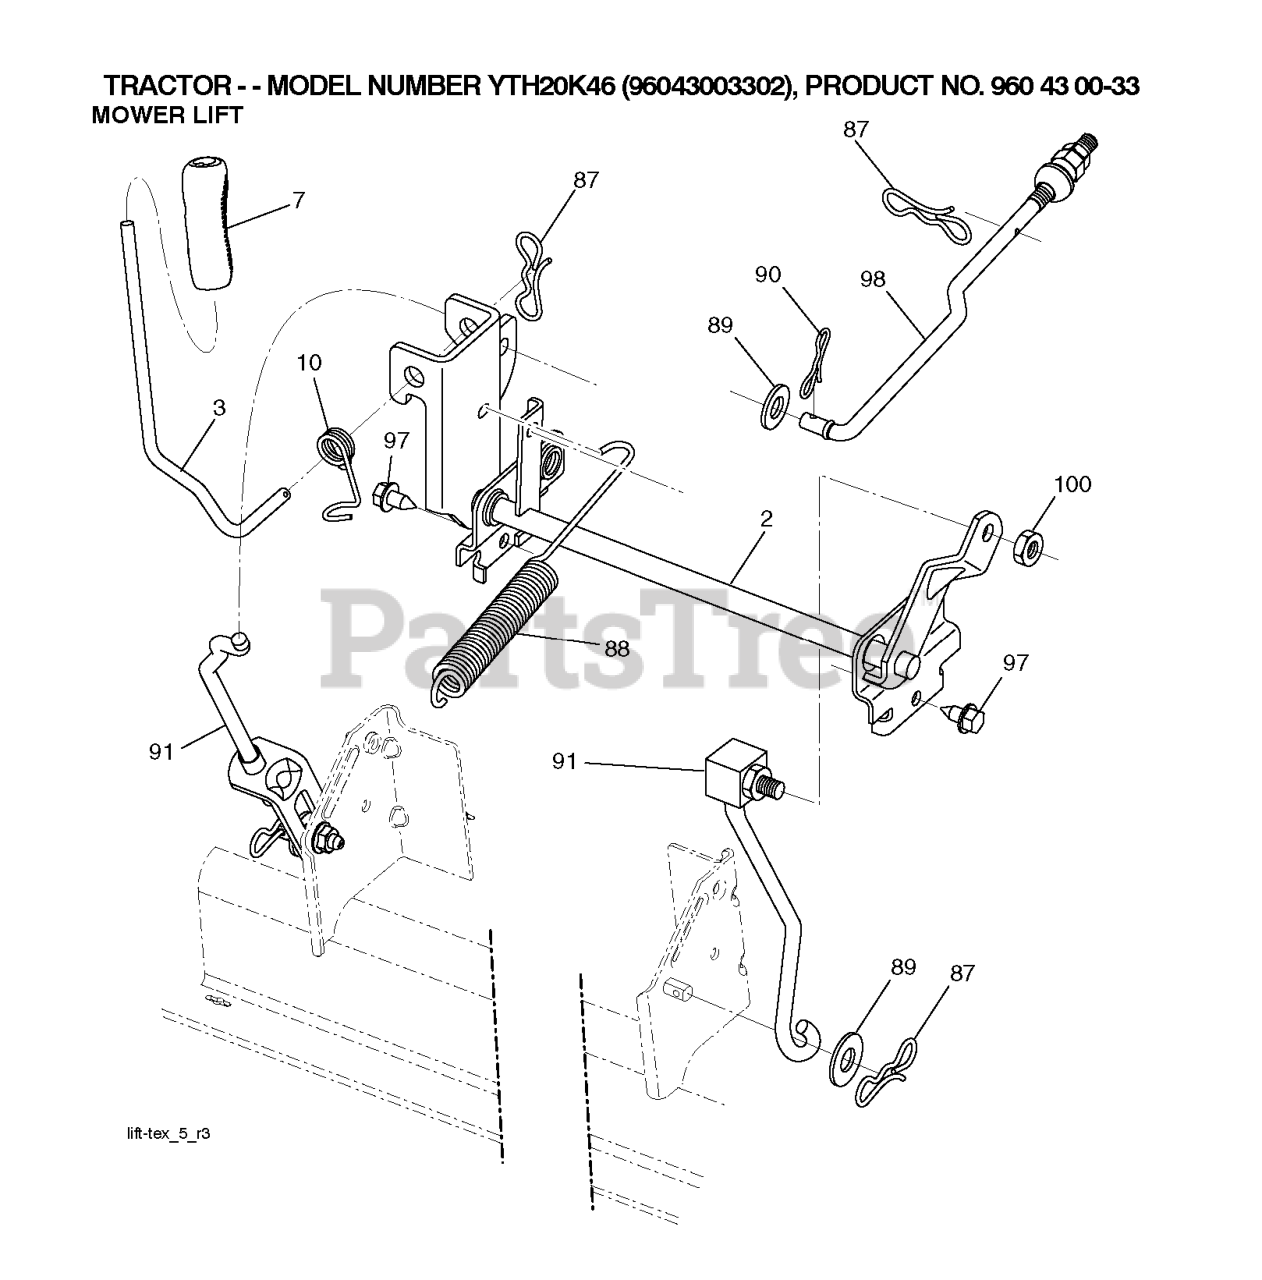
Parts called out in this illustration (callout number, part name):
2	SHAFT.ASM.LIFT.CROSS.H
3	LEVER.LIFT.HANDLE.LT
7	GRIP.HANDLE.LIFT.PVC.BLACK
10	SPRING.TORSION.LIFT.HANDLE
87	PIN.COTTER.7/16.BOW TI.
88	SPRING.LIFT.ASSIST
89	WASHER.CLEAR.ZINC
90	PIN.COTTER.5/16.BOW TI
91	LINK.ASM.LIFT.REAR
97	SCREW, 3/8-16X3/4
98	LINK.ASM.SUSP.FRONT.MW
100	LOCKNUT
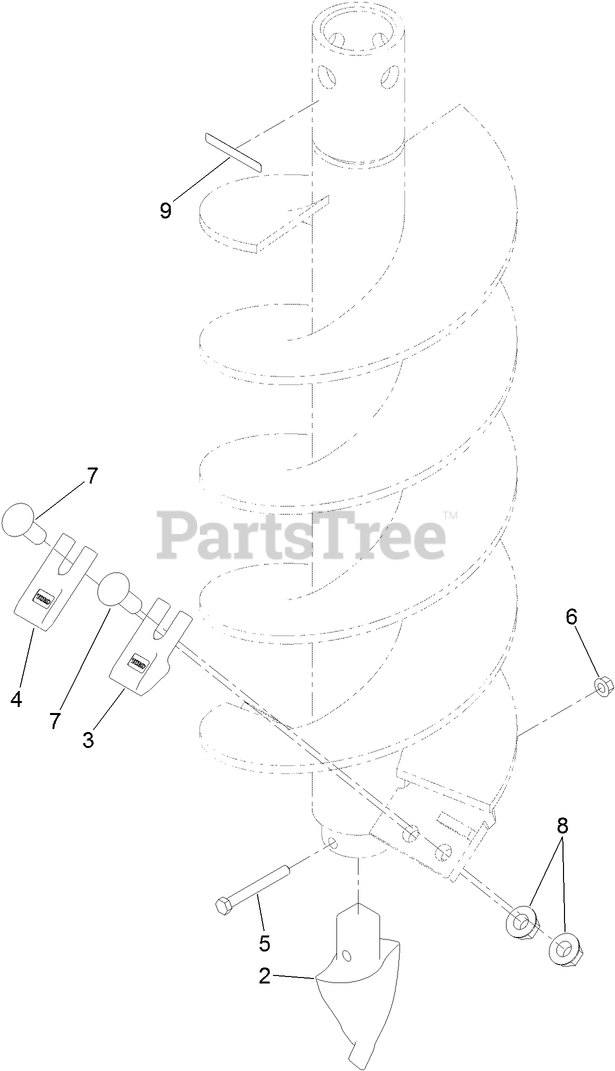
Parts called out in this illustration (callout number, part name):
2	PILOT-AUGER
3	TOOTH-OUTER
4	TOOTH-INNER
5	SCREW-HH
6	NUT-HF
7	SCREW-CARR
8	NUT-FLANGE
9	DECAL-WARNING
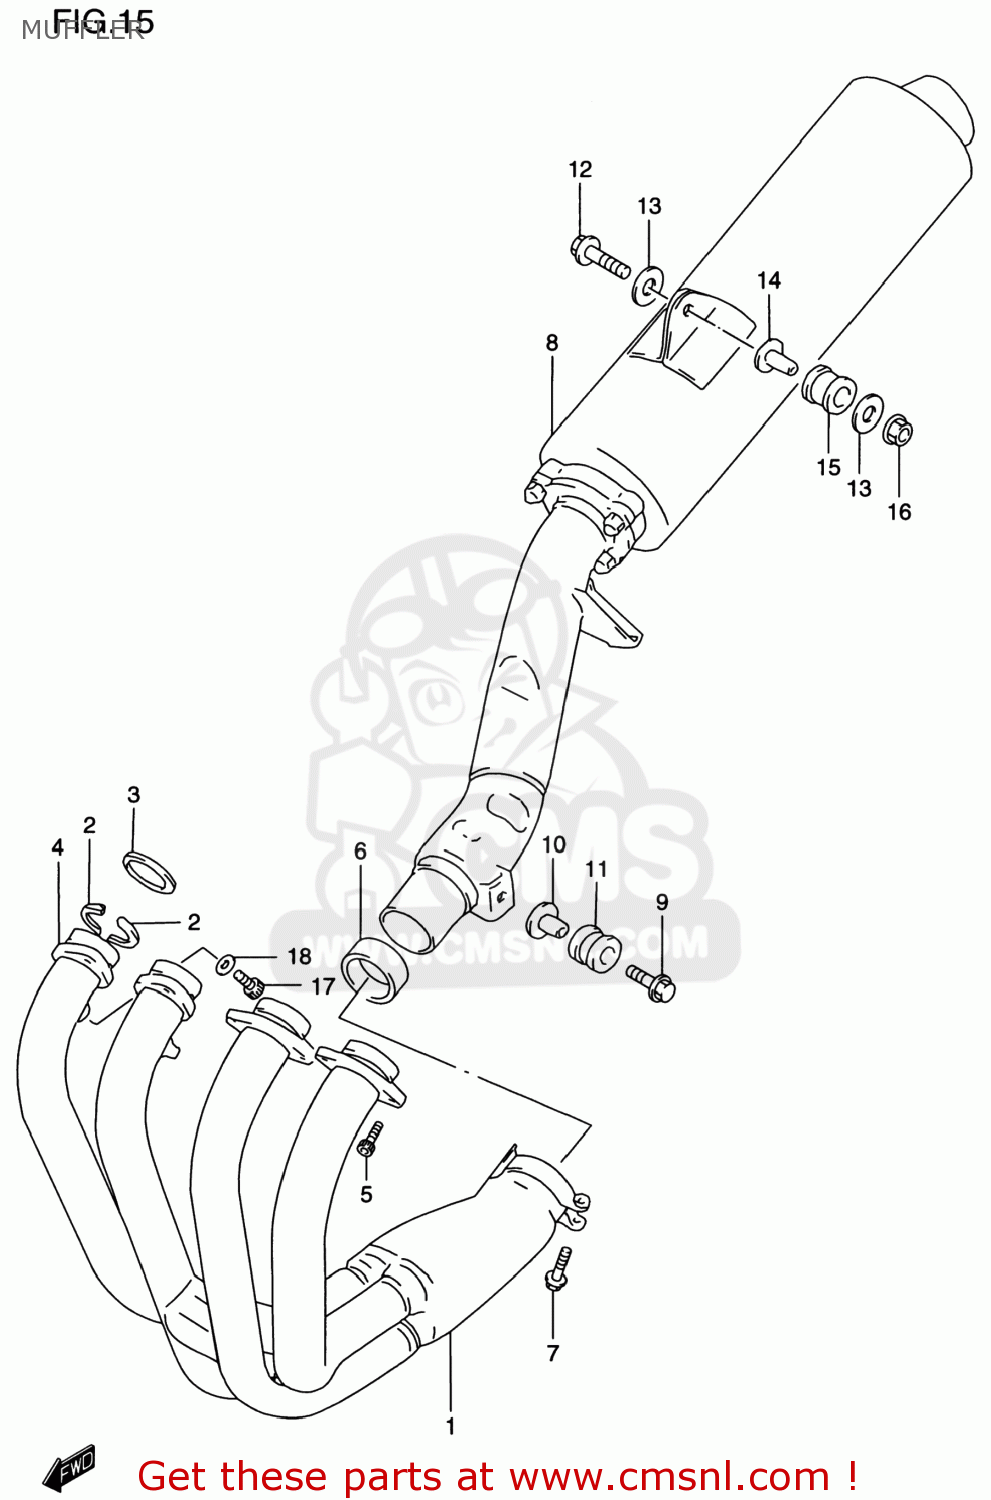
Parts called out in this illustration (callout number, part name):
1	EXHAUST
2	PLATE,EXHAUST PIPE
3	GASKET,EXHAUST (NAS)
4	CLAMP,EXHAUST PIPE
5	BOLT
6	CONNECTOR,MUFFLER
7	BOLT
8	BODY,MUFFLER
9	BOLT 8X40
10	SPACER(8.6X12X24.2)
11	CUSHION
12	BOLT
13	WASHER (8.1X33X1.6)
14	SPACER(8.6X12X27.1)
15	CUSHION
16	NUT
17	BOLT(6X10)
18	WASHER(7X12X1)
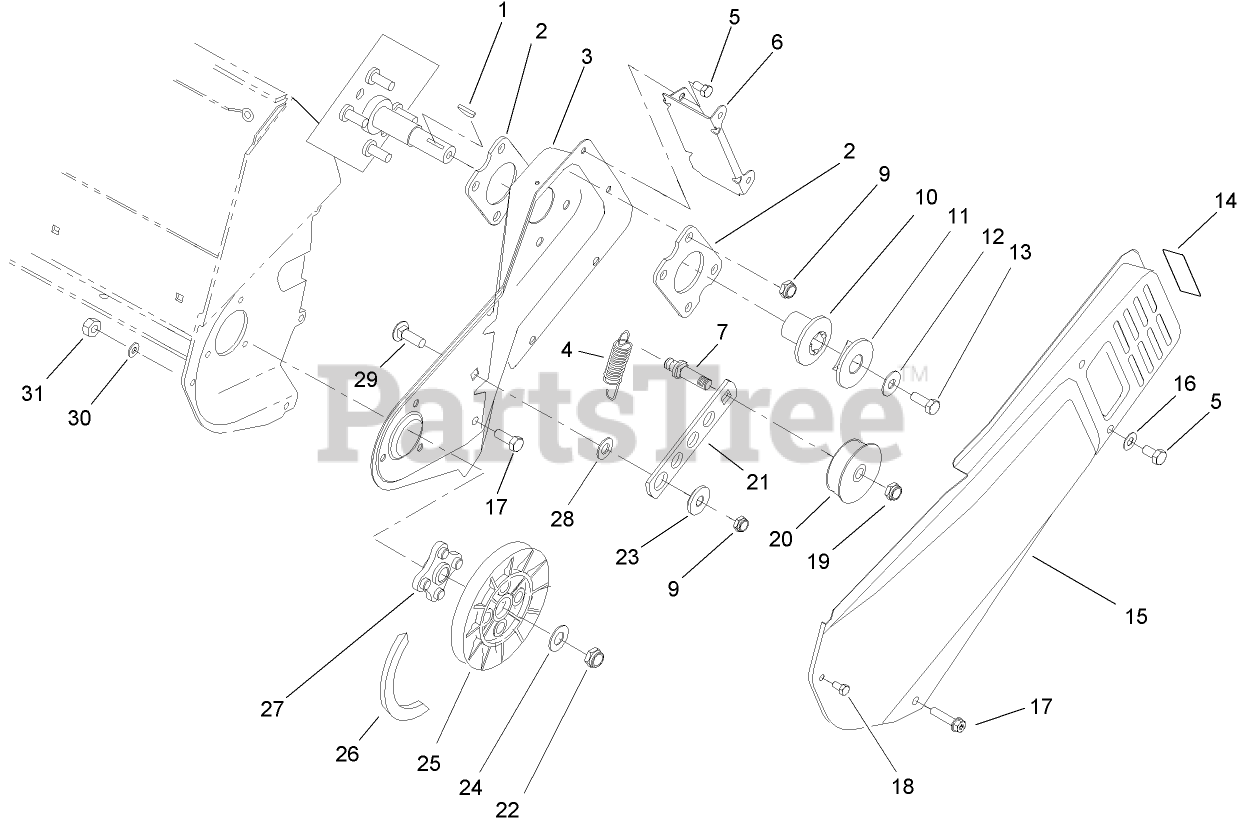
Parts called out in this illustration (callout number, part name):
1	KEY-WOODRUFF
2	PLATE-ENGINE
3	SIDEPLATE-LH
4	SPRING-EXTENSION
5	SCREW-HWH
6	BRACKET-COVER, BELT
7	PIN-IDLER
9	NUT-LOCK, NI
10	HUB-HALF SHEAVE
11	CAP-HALF SHEAVE
12	WASHER-FLAT
13	SCREW-HH
14	DECAL-WARNING
15	COVER-BELT
16	WASHER-FLAT
17	SCREW-PLASTIC
20	PULLEY-IDLER
21	ARM-IDLER
22	NUT-LOCK, NI
23	BUSHING-IDLER
24	WASHER-FLAT
25	PULLEY-DRIVEN
26	V-BELT
28	WASHER
29	SCREW-CARR
30	WASHER-FLAT
31	NUT-LOCK, NI

════════

■ Exercise description:
Copy out the entries exactly. No pictures.

■ Expected answer:
Parts called out in this illustration (callout number, part name):
2	SHAFT.ASM.LIFT.CROSS.H
3	LEVER.LIFT.HANDLE.LT
7	GRIP.HANDLE.LIFT.PVC.BLACK
10	SPRING.TORSION.LIFT.HANDLE
87	PIN.COTTER.7/16.BOW TI.
88	SPRING.LIFT.ASSIST
89	WASHER.CLEAR.ZINC
90	PIN.COTTER.5/16.BOW TI
91	LINK.ASM.LIFT.REAR
97	SCREW, 3/8-16X3/4
98	LINK.ASM.SUSP.FRONT.MW
100	LOCKNUT
Parts called out in this illustration (callout number, part name):
2	PILOT-AUGER
3	TOOTH-OUTER
4	TOOTH-INNER
5	SCREW-HH
6	NUT-HF
7	SCREW-CARR
8	NUT-FLANGE
9	DECAL-WARNING
Parts called out in this illustration (callout number, part name):
1	EXHAUST
2	PLATE,EXHAUST PIPE
3	GASKET,EXHAUST (NAS)
4	CLAMP,EXHAUST PIPE
5	BOLT
6	CONNECTOR,MUFFLER
7	BOLT
8	BODY,MUFFLER
9	BOLT 8X40
10	SPACER(8.6X12X24.2)
11	CUSHION
12	BOLT
13	WASHER (8.1X33X1.6)
14	SPACER(8.6X12X27.1)
15	CUSHION
16	NUT
17	BOLT(6X10)
18	WASHER(7X12X1)
Parts called out in this illustration (callout number, part name):
1	KEY-WOODRUFF
2	PLATE-ENGINE
3	SIDEPLATE-LH
4	SPRING-EXTENSION
5	SCREW-HWH
6	BRACKET-COVER, BELT
7	PIN-IDLER
9	NUT-LOCK, NI
10	HUB-HALF SHEAVE
11	CAP-HALF SHEAVE
12	WASHER-FLAT
13	SCREW-HH
14	DECAL-WARNING
15	COVER-BELT
16	WASHER-FLAT
17	SCREW-PLASTIC
20	PULLEY-IDLER
21	ARM-IDLER
22	NUT-LOCK, NI
23	BUSHING-IDLER
24	WASHER-FLAT
25	PULLEY-DRIVEN
26	V-BELT
28	WASHER
29	SCREW-CARR
30	WASHER-FLAT
31	NUT-LOCK, NI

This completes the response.